> _ASSIGNMENT_
Show each line of the entries below in which the word "polyline" appears.

[Source records]
▽

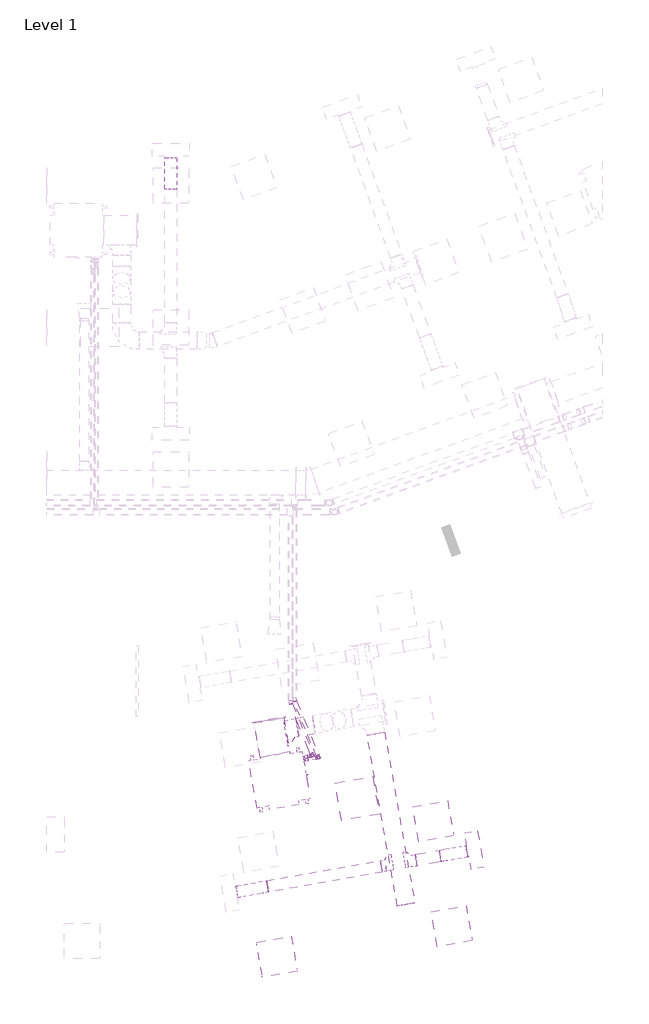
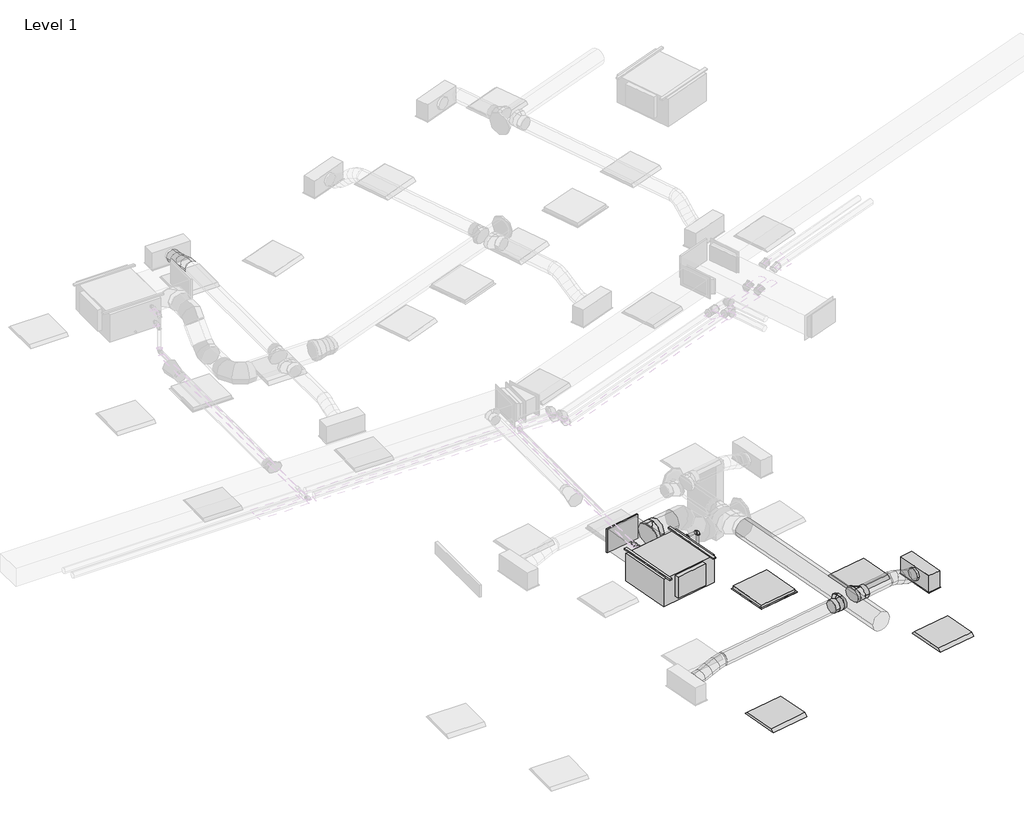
# One storey, part 15 of 30: 8 duct segments, 8 pipe fittings, 6 pipe segments, 4 duct fittings, 3 light fixtures, 2 air terminals, 1 proxy.
"""IFC4 building model written with IfcOpenShell, lengths in millimetres."""

from ifc_helpers import new_model, si_unit, point, frame, frame_2d, origin, place, context, project, spatial, polyline, circle_curve, ellipse_curve, trimmed, segment, composite_curve, outline, extrude, transform, mapped, element, save
from ifc_brep_helpers import plane_surface, cylinder_surface, advanced_brep
from components import return_grille_rectangular_hosted_standard_7b12617c, supply_diffuser_with_plenum_linear_slot_hosted_8e4f2f20, fan_coil_unit_ceiling_ducted_chw_376_lps_05d42c19, dw144_rectangular_blank_end_standard_8fde7d16, dw144_round_shoe_branch_slip_joint1_standard_2_3a899113, dw144_round_shoe_branch_slip_joint1_standard_2_809a1802, light_fixture_1c7c1157, light_fixture_b730b5ca, elbow_threaded_gmi_standard_b4aa7741, elbow_threaded_gmi_standard_b1050e4a, socket_reducing_threaded_gmi_standard_0a4076b8

model = new_model("IFC4")

# Units and contexts
model_context = context("Model", 3, world=origin())
ifc_project = project(units=[si_unit("LENGTHUNIT", "METRE", prefix="MILLI")], contexts=[model_context])

# Site, building, storey
site = spatial("IfcSite", under=ifc_project)
building = spatial("IfcBuilding", under=site)
storey = spatial("IfcBuildingStorey", under=building, Name="Level 1", Elevation=3900.0)

# Air terminals
placement = place(None, origin())
return_grille_rectangular_hosted_standard_shape = return_grille_rectangular_hosted_standard_7b12617c(model_context)
element("IfcAirTerminal", 1, ObjectType="Return Grille - Rectangular - Hosted : Standard", at=placement, inside=storey, context=model_context, shape_type="MappedRepresentation", body=[
    mapped(return_grille_rectangular_hosted_standard_shape, transform((33910.5082617, 3801.8100308, 6700.0), x_axis=(0.9848077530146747, 0.17364817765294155, 0.0), y_axis=(0.17364817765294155, -0.9848077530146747, 0.0), z_axis=(0.0, 0.0, -1.0))),
])
supply_diffuser_with_plenum_linear_slot_hosted_shape = supply_diffuser_with_plenum_linear_slot_hosted_8e4f2f20(model_context)
element("IfcAirTerminal", 2, ObjectType="Supply Diffuser with Plenum - Linear Slot - Hosted : 24\" x 8\"-200 In Inlet  4-Slot", at=placement, inside=storey, context=model_context, shape_type="MappedRepresentation", body=[
    mapped(supply_diffuser_with_plenum_linear_slot_hosted_shape, transform((35891.5400303, 2932.607447, 6700.0), x_axis=(0.1736481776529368, -0.9848077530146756, 0.0), y_axis=(-0.9848077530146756, -0.1736481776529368, 0.0), z_axis=(0.0, 0.0, -1.0))),
])

# Proxy
fan_coil_unit_ceiling_ducted_chw_376_lps_shape = fan_coil_unit_ceiling_ducted_chw_376_lps_05d42c19(model_context)
element("IfcBuildingElementProxy", 3, Name="Fan Coil Unit - Ceiling Ducted - CHW : 376 LPS", ObjectType="Fan Coil Unit - Ceiling Ducted - CHW : 376 LPS", at=placement, inside=storey, context=model_context, shape_type="MappedRepresentation", body=[
    mapped(fan_coil_unit_ceiling_ducted_chw_376_lps_shape, transform((32078.1076261, 4440.8551668, 7115.575), x_axis=(0.9848077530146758, 0.17364817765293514, 0.0), y_axis=(-0.17364817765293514, 0.9848077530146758, 0.0), z_axis=(0.0, 0.0, 1.0))),
])

# Duct fittings
dw144_rectangular_blank_end_standard_shape = dw144_rectangular_blank_end_standard_8fde7d16(model_context)
element("IfcDuctFitting", 4, ObjectType="DW144 Rectangular Blank End : Standard", at=placement, inside=storey, context=model_context, shape_type="MappedRepresentation", body=[
    mapped(dw144_rectangular_blank_end_standard_shape, transform((32422.2764887, 5121.8864184, 7369.575), x_axis=(-0.17364817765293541, 0.9848077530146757, 0.0), y_axis=(-0.9848077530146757, -0.17364817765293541, 0.0), z_axis=(0.0, 0.0, 1.0))),
])
dw144_round_shoe_branch_slip_joint1_standard_2_shape = dw144_round_shoe_branch_slip_joint1_standard_2_3a899113(model_context)
element("IfcDuctFitting", 5, ObjectType="DW144 Round Shoe Branch - Slip Joint1 : Standard 2", at=placement, inside=storey, context=model_context, shape_type="MappedRepresentation", body=[
    mapped(dw144_round_shoe_branch_slip_joint1_standard_2_shape, transform((34466.8544313, 2681.3969368, 6972.2088531), x_axis=(-0.9848077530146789, -0.17364817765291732, 0.0), y_axis=(0.17364817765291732, -0.9848077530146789, 0.0), z_axis=(0.0, 0.0, 1.0))),
])
element("IfcDuctFitting", 6, ObjectType="DW144 Round Shoe Branch - Slip Joint1 : Standard 2", at=placement, inside=storey, context=model_context, shape_type="MappedRepresentation", body=[
    mapped(dw144_round_shoe_branch_slip_joint1_standard_2_shape, transform((34762.2967572, 2733.4913901, 6972.2088531), x_axis=(0.9848077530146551, 0.1736481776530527, 0.0), y_axis=(0.1736481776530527, -0.9848077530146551, 0.0), z_axis=(0.0, 0.0, -1.0))),
])
dw144_round_shoe_branch_slip_joint1_standard_2_2_shape = dw144_round_shoe_branch_slip_joint1_standard_2_809a1802(model_context)
element("IfcDuctFitting", 7, ObjectType="DW144 Round Shoe Branch - Slip Joint1 : Standard 2", at=placement, inside=storey, context=model_context, shape_type="MappedRepresentation", body=[
    mapped(dw144_round_shoe_branch_slip_joint1_standard_2_2_shape, transform((32703.167519, 4968.5668456, 7369.575), x_axis=(0.9848077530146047, 0.17364817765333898, 0.0), y_axis=(-0.17364817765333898, 0.9848077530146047, 0.0), z_axis=(0.0, 0.0, 1.0))),
])

# Duct segments
element("IfcDuctSegment", 8, ObjectType="DW144 Flanged Med Radius Bend / Shoe Branch", at=placement, inside=storey, context=model_context, shape_type="SweptSolid", body=[
    extrude(outline(polyline([(32770.1530053, 4588.6732749), (32277.7491288, 4501.8491861), (32176.0745504, 5078.474374), (32668.4784269, 5165.2984628), (32770.1530053, 4588.6732749)])), frame((0.0, 0.0, 7194.575), z_axis=(0.0, 0.0, 1.0), x_axis=(1.0, 0.0, 0.0)), (0.0, 0.0, 1.0), 350.0),
])
element("IfcDuctSegment", 9, ObjectType="DW144 Segmented Bend / Shoe Branch", at=placement, inside=storey, context=model_context, shape_type="SweptSolid", body=[
    extrude(outline(composite_curve([segment(trimmed(circle_curve(frame_2d((0.0, 157.5)), 157.5), [point((157.5, 157.5))], [point((0.0, 0.0))], False, "CARTESIAN"), True, "CONTINUOUS"), segment(trimmed(circle_curve(frame_2d((0.0, 157.5)), 157.5), [point((0.0, 0.0))], [point((-157.5, 157.5))], False, "CARTESIAN"), True, "CONTINUOUS"), segment(trimmed(circle_curve(frame_2d((0.0, 157.5)), 157.5), [point((-157.5, 157.5))], [point((0.0, 315.0))], False, "CARTESIAN"), True, "CONTINUOUS"), segment(trimmed(circle_curve(frame_2d((0.0, 157.5)), 157.5), [point((0.0, 315.0))], [point((157.5, 157.5))], False, "CARTESIAN"), True, "CONTINUOUS")], self_intersect=False)), frame((32900.1290696, 5003.2964811, 7527.075), z_axis=(0.9848077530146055, 0.17364817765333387, 0.0), x_axis=(0.17364817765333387, -0.9848077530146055, 0.0)), (0.0, 0.0, 1.0), 282.8859657),
])
element("IfcDuctSegment", 10, ObjectType="DW144 Segmented Bend / Shoe Branch", at=placement, inside=storey, context=model_context, shape_type="SweptSolid", body=[
    extrude(outline(composite_curve([segment(trimmed(circle_curve(frame_2d((0.0, 100.0)), 100.0), [point((100.0, 100.0))], [point((0.0, 0.0))], False, "CARTESIAN"), True, "CONTINUOUS"), segment(trimmed(circle_curve(frame_2d((0.0, 100.0)), 100.0), [point((0.0, 0.0))], [point((-100.0, 100.0))], False, "CARTESIAN"), True, "CONTINUOUS"), segment(trimmed(circle_curve(frame_2d((0.0, 100.0)), 100.0), [point((-100.0, 100.0))], [point((0.0, 200.0))], False, "CARTESIAN"), True, "CONTINUOUS"), segment(trimmed(circle_curve(frame_2d((0.0, 100.0)), 100.0), [point((0.0, 200.0))], [point((100.0, 100.0))], False, "CARTESIAN"), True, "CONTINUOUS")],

△

> _SOLUTION_
from ifc_helpers import new_model, si_unit, point, frame, frame_2d, origin, place, context, project, spatial, polyline, circle_curve, ellipse_curve, trimmed, segment, composite_curve, outline, extrude, transform, mapped, element, save
    extrude(outline(polyline([(32770.1530053, 4588.6732749), (32277.7491288, 4501.8491861), (32176.0745504, 5078.474374), (32668.4784269, 5165.2984628), (32770.1530053, 4588.6732749)])), frame((0.0, 0.0, 7194.575), z_axis=(0.0, 0.0, 1.0), x_axis=(1.0, 0.0, 0.0)), (0.0, 0.0, 1.0), 350.0),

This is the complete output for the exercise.